PROBLEM REQUIREMENTS: If a line below contains the string "origin", copy it out.

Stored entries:
————————

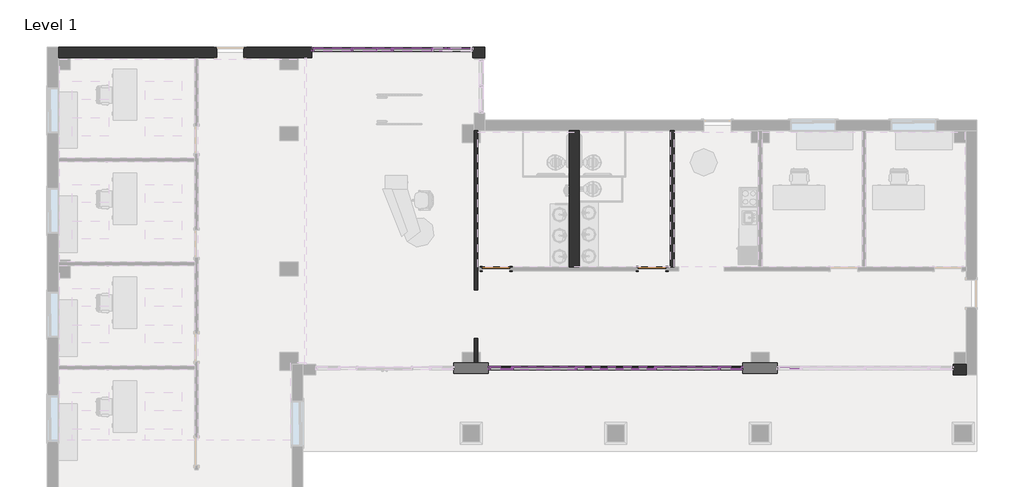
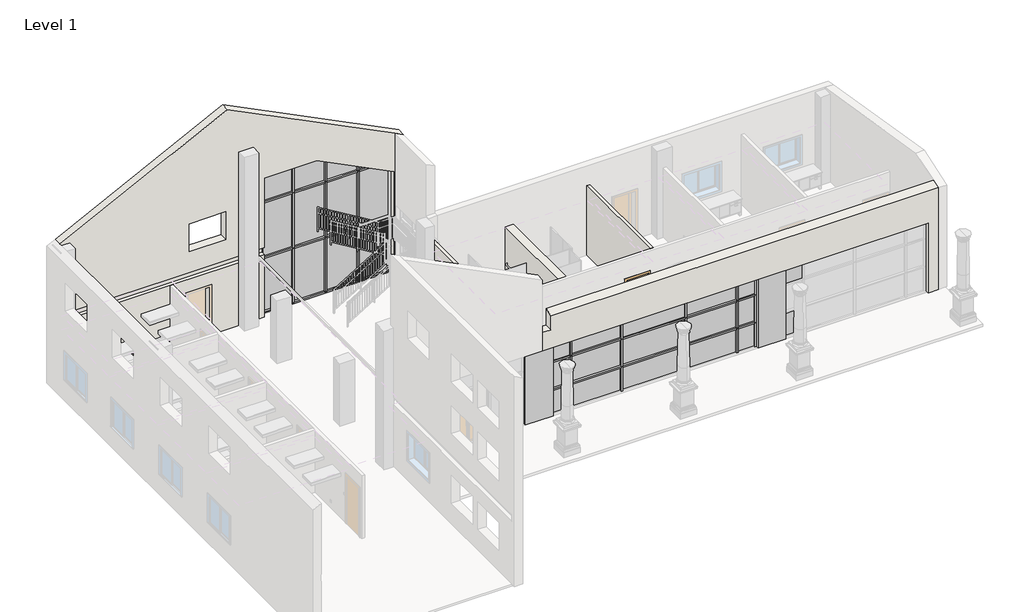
# One storey, part 2 of 8: 61 members, 31 plates, 6 walls, 2 doors.
"""IFC4 building model written with IfcOpenShell, lengths in millimetres."""

from ifc_helpers import new_model, si_unit, origin, origin_with_axes, place, context, project, spatial, polyline, outline, extrude, faceted_brep, transform, mapped, element, save
from components import door_eb9f8b14, door_88503111, member_a715cb85, member_2b49869a, member_4f1c84db, member_e69b4e5a, member_c7c5a8a0, member_13dc6413, member_3374d9b6, member_830c086e, member_f0fea5a5, member_ee409385, member_d635bea1, member_5783932f, member_ba1b3d85, member_98b79ab6, member_badecc6f, member_398e82c5, member_3ca69e07, member_e8e44c72, member_143c79e4, member_374c6745, member_8bab0767, member_1c7aa2bc, member_f444ca48, member_5247cb20, system_panel_glazed_93fe6fa7, system_panel_glazed_6ce5e085, system_panel_glazed_63f474c4, system_panel_glazed_4b691734, system_panel_glazed_53b4157c, system_panel_glazed_7b5ce646, system_panel_glazed_2dd6ead6, system_panel_glazed_6caac039, system_panel_glazed_878f6614, system_panel_glazed_8dfcc79d, system_panel_glazed_ef97d2b3, system_panel_glazed_c584759f, system_panel_glazed_aff2306c, system_panel_glazed_6eaeb95c, system_panel_glazed_87e5606a, system_panel_glazed_8c70cf02, system_panel_solid_6039f36e, system_panel_solid_0ed6c75d

model = new_model("IFC4")

# Units and contexts
model_context = context("Model", 3, world=origin())
ifc_project = project(units=[si_unit("LENGTHUNIT", "METRE", prefix="MILLI")], contexts=[model_context])

# Site, building, storey
site = spatial("IfcSite", under=ifc_project)
building = spatial("IfcBuilding", under=site)
storey = spatial("IfcBuildingStorey", under=building, Name="Level 1", Elevation=0.0)

# Doors
placement = place(None, origin())
door_shape = door_eb9f8b14(model_context)
element("IfcDoor", 1, ObjectType="Single-Flush : 36\" x 84\"", at=placement, inside=storey, context=model_context, shape_type="MappedRepresentation", body=[
    mapped(door_shape, transform((1075.2733448, 3496.4480424, 0.0), x_axis=(-1.0, 0.0, 0.0), y_axis=(0.0, -1.0, 0.0), z_axis=(0.0, 0.0, 1.0))),
])
door_2_shape = door_88503111(model_context)
element("IfcDoor", 2, ObjectType="Single-Flush : 36\" x 84\"", at=placement, inside=storey, context=model_context, shape_type="MappedRepresentation", body=[
    mapped(door_2_shape, transform((6294.9733448, 3496.4480424, 0.0), x_axis=(1.0, 0.0, 0.0), y_axis=(0.0, 1.0, 0.0), z_axis=(0.0, 0.0, 1.0))),
])

# Members
member_shape = member_a715cb85(model_context)
element("IfcMember", 3, ObjectType="Rectangular Mullion : 2.5\" x 5\" Rectangular", at=placement, inside=storey, context=model_context, shape_type="MappedRepresentation", body=[
    mapped(member_shape, transform((1611.8483448, 175.3980424, 0.0), x_axis=(1.0, 0.0, 0.0), y_axis=(0.0, -1.0, 0.0), z_axis=(0.0, 0.0, -1.0))),
])
element("IfcMember", 4, ObjectType="Rectangular Mullion : 2.5\" x 5\" Rectangular", at=placement, inside=storey, context=model_context, shape_type="MappedRepresentation", body=[
    mapped(member_shape, transform((3745.4483448, 175.3980424, 0.0), x_axis=(1.0, 0.0, 0.0), y_axis=(0.0, -1.0, 0.0), z_axis=(0.0, 0.0, -1.0))),
])
element("IfcMember", 5, ObjectType="Rectangular Mullion : 2.5\" x 5\" Rectangular", at=placement, inside=storey, context=model_context, shape_type="MappedRepresentation", body=[
    mapped(member_shape, transform((6404.5108448, 175.3980424, 0.0), x_axis=(1.0, 0.0, 0.0), y_axis=(0.0, -1.0, 0.0), z_axis=(0.0, 0.0, -1.0))),
])
element("IfcMember", 6, ObjectType="Rectangular Mullion : 2.5\" x 5\" Rectangular", at=placement, inside=storey, context=model_context, shape_type="MappedRepresentation", body=[
    mapped(member_shape, transform((849.8483448, 175.3980424, 0.0), x_axis=(1.0, 0.0, 0.0), y_axis=(0.0, -1.0, 0.0), z_axis=(0.0, 0.0, -1.0))),
])
element("IfcMember", 7, ObjectType="Rectangular Mullion : 2.5\" x 5\" Rectangular", at=placement, inside=storey, context=model_context, shape_type="MappedRepresentation", body=[
    mapped(member_shape, transform((8538.1108448, 175.3980424, 0.0), x_axis=(1.0, 0.0, 0.0), y_axis=(0.0, -1.0, 0.0), z_axis=(0.0, 0.0, -1.0))),
])
element("IfcMember", 8, ObjectType="Rectangular Mullion : 2.5\" x 5\" Rectangular", at=placement, inside=storey, context=model_context, shape_type="MappedRepresentation", body=[
    mapped(member_shape, transform((9300.1108448, 175.3980424, 0.0), x_axis=(1.0, 0.0, 0.0), y_axis=(0.0, -1.0, 0.0), z_axis=(0.0, 0.0, -1.0))),
])
member_2_shape = member_2b49869a(model_context)
element("IfcMember", 9, ObjectType="Rectangular Mullion : 2.5\" x 5\" Rectangular", at=placement, inside=storey, context=model_context, shape_type="MappedRepresentation", body=[
    mapped(member_2_shape, transform((1611.8483448, 175.3980424, 1066.8), x_axis=(1.0, 0.0, 0.0), y_axis=(0.0, -1.0, 0.0), z_axis=(0.0, 0.0, -1.0))),
])
element("IfcMember", 10, ObjectType="Rectangular Mullion : 2.5\" x 5\" Rectangular", at=placement, inside=storey, context=model_context, shape_type="MappedRepresentation", body=[
    mapped(member_2_shape, transform((3745.4483448, 175.3980424, 1066.8), x_axis=(1.0, 0.0, 0.0), y_axis=(0.0, -1.0, 0.0), z_axis=(0.0, 0.0, -1.0))),
])
element("IfcMember", 11, ObjectType="Rectangular Mullion : 2.5\" x 5\" Rectangular", at=placement, inside=storey, context=model_context, shape_type="MappedRepresentation", body=[
    mapped(member_2_shape, transform((6404.5108448, 175.3980424, 1066.8), x_axis=(1.0, 0.0, 0.0), y_axis=(0.0, -1.0, 0.0), z_axis=(0.0, 0.0, -1.0))),
])
element("IfcMember", 12, ObjectType="Rectangular Mullion : 2.5\" x 5\" Rectangular", at=placement, inside=storey, context=model_context, shape_type="MappedRepresentation", body=[
    mapped(member_2_shape, transform((849.8483448, 175.3980424, 1066.8), x_axis=(1.0, 0.0, 0.0), y_axis=(0.0, -1.0, 0.0), z_axis=(0.0, 0.0, -1.0))),
])
element("IfcMember", 13, ObjectType="Rectangular Mullion : 2.5\" x 5\" Rectangular", at=placement, inside=storey, context=model_context, shape_type="MappedRepresentation", body=[
    mapped(member_2_shape, transform((8538.1108448, 175.3980424, 1066.8), x_axis=(1.0, 0.0, 0.0), y_axis=(0.0, -1.0, 0.0), z_axis=(0.0, 0.0, -1.0))),
])
element("IfcMember", 14, ObjectType="Rectangular Mullion : 2.5\" x 5\" Rectangular", at=placement, inside=storey, context=model_context, shape_type="MappedRepresentation", body=[
    mapped(member_2_shape, transform((9300.1108448, 175.3980424, 1066.8), x_axis=(1.0, 0.0, 0.0), y_axis=(0.0, -1.0, 0.0), z_axis=(0.0, 0.0, -1.0))),
])
member_3_shape = member_4f1c84db(model_context)
element("IfcMember", 15, ObjectType="Rectangular Mullion : 2.5\" x 5\" Rectangular", at=placement, inside=storey, context=model_context, shape_type="MappedRepresentation", body=[
    mapped(member_3_shape, transform((3713.6983448, 175.3980424, 2286.0), x_axis=(0.0, 0.0, 1.0), y_axis=(0.0, -1.0, 0.0), z_axis=(1.0, 0.0, 0.0))),
])
element("IfcMember", 16, ObjectType="Rectangular Mullion : 2.5\" x 5\" Rectangular", at=placement, inside=storey, context=model_context, shape_type="MappedRepresentation", body=[
    mapped(member_3_shape, transform((8506.3608448, 175.3980424, 2286.0), x_axis=(0.0, 0.0, 1.0), y_axis=(0.0, -1.0, 0.0), z_axis=(1.0, 0.0, 0.0))),
])
element("IfcMember", 17, ObjectType="Rectangular Mullion : 2.5\" x 5\" Rectangular", at=placement, inside=storey, context=model_context, shape_type="MappedRepresentation", body=[
    mapped(member_3_shape, transform((8506.3608448, 175.3980424, 1066.8), x_axis=(0.0, 0.0, 1.0), y_axis=(0.0, -1.0, 0.0), z_axis=(1.0, 0.0, 0.0))),
])
element("IfcMember", 18, ObjectType="Rectangular Mullion : 2.5\" x 5\" Rectangular", at=placement, inside=storey, context=model_context, shape_type="MappedRepresentation", body=[
    mapped(member_3_shape, transform((3713.6983448, 175.3980424, 1066.8), x_axis=(0.0, 0.0, 1.0), y_axis=(0.0, -1.0, 0.0), z_axis=(1.0, 0.0, 0.0))),
])
member_4_shape = member_e69b4e5a(model_context)
element("IfcMember", 19, ObjectType="Rectangular Mullion : 2.5\" x 5\" Rectangular", at=placement, inside=storey, context=model_context, shape_type="MappedRepresentation", body=[
    mapped(member_4_shape, transform((6372.7608448, 175.3980424, 2286.0), x_axis=(0.0, 0.0, 1.0), y_axis=(0.0, -1.0, 0.0), z_axis=(1.0, 0.0, 0.0))),
])
element("IfcMember", 20, ObjectType="Rectangular Mullion : 2.5\" x 5\" Rectangular", at=placement, inside=storey, context=model_context, shape_type="MappedRepresentation", body=[
    mapped(member_4_shape, transform((6372.7608448, 175.3980424, 1066.8), x_axis=(0.0, 0.0, 1.0), y_axis=(0.0, -1.0, 0.0), z_axis=(1.0, 0.0, 0.0))),
])
member_5_shape = member_c7c5a8a0(model_context)
element("IfcMember", 21, ObjectType="Rectangular Mullion : 2.5\" x 5\" Rectangular", at=placement, inside=storey, context=model_context, shape_type="MappedRepresentation", body=[
    mapped(member_5_shape, transform((1580.0983448, 175.3980424, 2286.0), x_axis=(0.0, 0.0, 1.0), y_axis=(0.0, -1.0, 0.0), z_axis=(1.0, 0.0, 0.0))),
])
element("IfcMember", 22, ObjectType="Rectangular Mullion : 2.5\" x 5\" Rectangular", at=placement, inside=storey, context=model_context, shape_type="MappedRepresentation", body=[
    mapped(member_5_shape, transform((9268.3608448, 175.3980424, 2286.0), x_axis=(0.0, 0.0, 1.0), y_axis=(0.0, -1.0, 0.0), z_axis=(1.0, 0.0, 0.0))),
])
element("IfcMember", 23, ObjectType="Rectangular Mullion : 2.5\" x 5\" Rectangular", at=placement, inside=storey, context=model_context, shape_type="MappedRepresentation", body=[
    mapped(member_5_shape, transform((1580.0983448, 175.3980424, 1066.8), x_axis=(0.0, 0.0, 1.0), y_axis=(0.0, -1.0, 0.0), z_axis=(1.0, 0.0, 0.0))),
])
element("IfcMember", 24, ObjectType="Rectangular Mullion : 2.5\" x 5\" Rectangular", at=placement, inside=storey, context=model_context, shape_type="MappedRepresentation", body=[
    mapped(member_5_shape, transform((9268.3608448, 175.3980424, 1066.8), x_axis=(0.0, 0.0, 1.0), y_axis=(0.0, -1.0, 0.0), z_axis=(1.0, 0.0, 0.0))),
])
member_6_shape = member_13dc6413(model_context)
element("IfcMember", 25, ObjectType="Rectangular Mullion : 2.5\" x 5\" Rectangular", at=placement, inside=storey, context=model_context, shape_type="MappedRepresentation", body=[
    mapped(member_6_shape, transform((9331.8608448, 175.3980424, 3060.0), x_axis=(0.0, 0.0, 1.0), y_axis=(0.0, -1.0, 0.0), z_axis=(1.0, 0.0, 0.0))),
])
element("IfcMember", 26, ObjectType="Rectangular Mullion : 2.5\" x 5\" Rectangular", at=placement, inside=storey, context=model_context, shape_type="MappedRepresentation", body=[
    mapped(member_6_shape, transform((1611.8483448, 175.3980424, 3060.0), x_axis=(0.0, 0.0, 1.0), y_axis=(0.0, -1.0, 0.0), z_axis=(1.0, 0.0, 0.0))),
])
member_7_shape = member_3374d9b6(model_context)
element("IfcMember", 27, ObjectType="Rectangular Mullion : 2.5\" x 5\" Rectangular", at=placement, inside=storey, context=model_context, shape_type="MappedRepresentation", body=[
    mapped(member_7_shape, transform((3745.4483448, 175.3980424, 3060.0), x_axis=(0.0, 0.0, 1.0), y_axis=(0.0, -1.0, 0.0), z_axis=(1.0, 0.0, 0.0))),
])
element("IfcMember", 28, ObjectType="Rectangular Mullion : 2.5\" x 5\" Rectangular", at=placement, inside=storey, context=model_context, shape_type="MappedRepresentation", body=[
    mapped(member_7_shape, transform((8538.1108448, 175.3980424, 3060.0), x_axis=(0.0, 0.0, 1.0), y_axis=(0.0, -1.0, 0.0), z_axis=(1.0, 0.0, 0.0))),
])
member_8_shape = member_830c086e(model_context)
element("IfcMember", 29, ObjectType="Rectangular Mullion : 2.5\" x 5\" Rectangular", at=placement, inside=storey, context=model_context, shape_type="MappedRepresentation", body=[
    mapped(member_8_shape, transform((6404.5108448, 175.3980424, 3060.0), x_axis=(0.0, 0.0, 1.0), y_axis=(0.0, -1.0, 0.0), z_axis=(1.0, 0.0, 0.0))),
])
member_9_shape = member_f0fea5a5(model_context)
element("IfcMember", 30, ObjectType="Rectangular Mullion : 2.5\" x 5\" Rectangular", at=placement, inside=storey, context=model_context, shape_type="MappedRepresentation", body=[
    mapped(member_9_shape, transform((-3747.5516552, 10846.5730424, 0.0), x_axis=(1.0, 0.0, 0.0), y_axis=(0.0, -1.0, 0.0), z_axis=(0.0, 0.0, -1.0))),
])
element("IfcMember", 31, ObjectType="Rectangular Mullion : 2.5\" x 5\" Rectangular", at=placement, inside=storey, context=model_context, shape_type="MappedRepresentation", body=[
    mapped(member_9_shape, transform((-2401.3516552, 10846.5730424, 0.0), x_axis=(1.0, 0.0, 0.0), y_axis=(0.0, -1.0, 0.0), z_axis=(0.0, 0.0, -1.0))),
])
element("IfcMember", 32, ObjectType="Rectangular Mullion : 2.5\" x 5\" Rectangular", at=placement, inside=storey, context=model_context, shape_type="MappedRepresentation", body=[
    mapped(member_9_shape, transform((-1055.1516552, 10846.5730424, 0.0), x_axis=(1.0, 0.0, 0.0), y_axis=(0.0, -1.0, 0.0), z_axis=(0.0, 0.0, -1.0))),
])
member_10_shape = member_ee409385(model_context)
element("IfcMember", 33, ObjectType="Rectangular Mullion : 2.5\" x 5\" Rectangular", at=placement, inside=storey, context=model_context, shape_type="MappedRepresentation", body=[
    mapped(member_10_shape, transform((-5093.7516552, 10846.5730424, 2438.4), x_axis=(-1.0, 0.0, 0.0), y_axis=(0.0, -1.0, 0.0), z_axis=(0.0, 0.0, 1.0))),
])
member_11_shape = member_d635bea1(model_context)
element("IfcMember", 34, ObjectType="Rectangular Mullion : 2.5\" x 5\" Rectangular", at=placement, inside=storey, context=model_context, shape_type="MappedRepresentation", body=[
    mapped(member_11_shape, transform((-5030.2516552, 10846.5730424, 0.0), x_axis=(0.0, 0.0, -1.0), y_axis=(0.0, -1.0, 0.0), z_axis=(-1.0, 0.0, 0.0))),
])
element("IfcMember", 35, ObjectType="Rectangular Mullion : 2.5\" x 5\" Rectangular", at=placement, inside=storey, context=model_context, shape_type="MappedRepresentation", body=[
    mapped(member_11_shape, transform((-1023.4016552, 10846.5730424, 0.0), x_axis=(0.0, 0.0, -1.0), y_axis=(0.0, -1.0, 0.0), z_axis=(-1.0, 0.0, 0.0))),
])
member_12_shape = member_5783932f(model_context)
element("IfcMember", 36, ObjectType="Rectangular Mullion : 2.5\" x 5\" Rectangular", at=placement, inside=storey, context=model_context, shape_type="MappedRepresentation", body=[
    mapped(member_12_shape, transform((-3715.8016552, 10846.5730424, 0.0), x_axis=(0.0, 0.0, -1.0), y_axis=(0.0, -1.0, 0.0), z_axis=(-1.0, 0.0, 0.0))),
])
element("IfcMember", 37, ObjectType="Rectangular Mullion : 2.5\" x 5\" Rectangular", at=placement, inside=storey, context=model_context, shape_type="MappedRepresentation", body=[
    mapped(member_12_shape, transform((-2369.6016552, 10846.5730424, 0.0), x_axis=(0.0, 0.0, -1.0), y_axis=(0.0, -1.0, 0.0), z_axis=(-1.0, 0.0, 0.0))),
])
member_13_shape = member_ba1b3d85(model_context)
element("IfcMember", 38, ObjectType="Rectangular Mullion : 2.5\" x 5\" Rectangular", at=placement, inside=storey, context=model_context, shape_type="MappedRepresentation", body=[
    mapped(member_13_shape, transform((-3779.3016552, 10846.5730424, 2438.4), x_axis=(0.0, 0.0, 1.0), y_axis=(0.0, -1.0, 0.0), z_axis=(1.0, 0.0, 0.0))),
])
element("IfcMember", 39, ObjectType="Rectangular Mullion : 2.5\" x 5\" Rectangular", at=placement, inside=storey, context=model_context, shape_type="MappedRepresentation", body=[
    mapped(member_13_shape, transform((-3779.3016552, 10846.5730424, 4876.8), x_axis=(0.0, 0.0, 1.0), y_axis=(0.0, -1.0, 0.0), z_axis=(1.0, 0.0, 0.0))),
])
member_14_shape = member_98b79ab6(model_context)
element("IfcMember", 40, ObjectType="Rectangular Mullion : 2.5\" x 5\" Rectangular", at=placement, inside=storey, context=model_context, shape_type="MappedRepresentation", body=[
    mapped(member_14_shape, transform((-2433.1016552, 10846.5730424, 2438.4), x_axis=(0.0, 0.0, 1.0), y_axis=(0.0, -1.0, 0.0), z_axis=(1.0, 0.0, 0.0))),
])
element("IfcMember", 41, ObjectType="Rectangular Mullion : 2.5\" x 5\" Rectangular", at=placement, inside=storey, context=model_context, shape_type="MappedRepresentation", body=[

————————

EXERCISE RESPONSE:
from ifc_helpers import new_model, si_unit, origin, origin_with_axes, place, context, project, spatial, polyline, outline, extrude, faceted_brep, transform, mapped, element, save
model_context = context("Model", 3, world=origin())
placement = place(None, origin())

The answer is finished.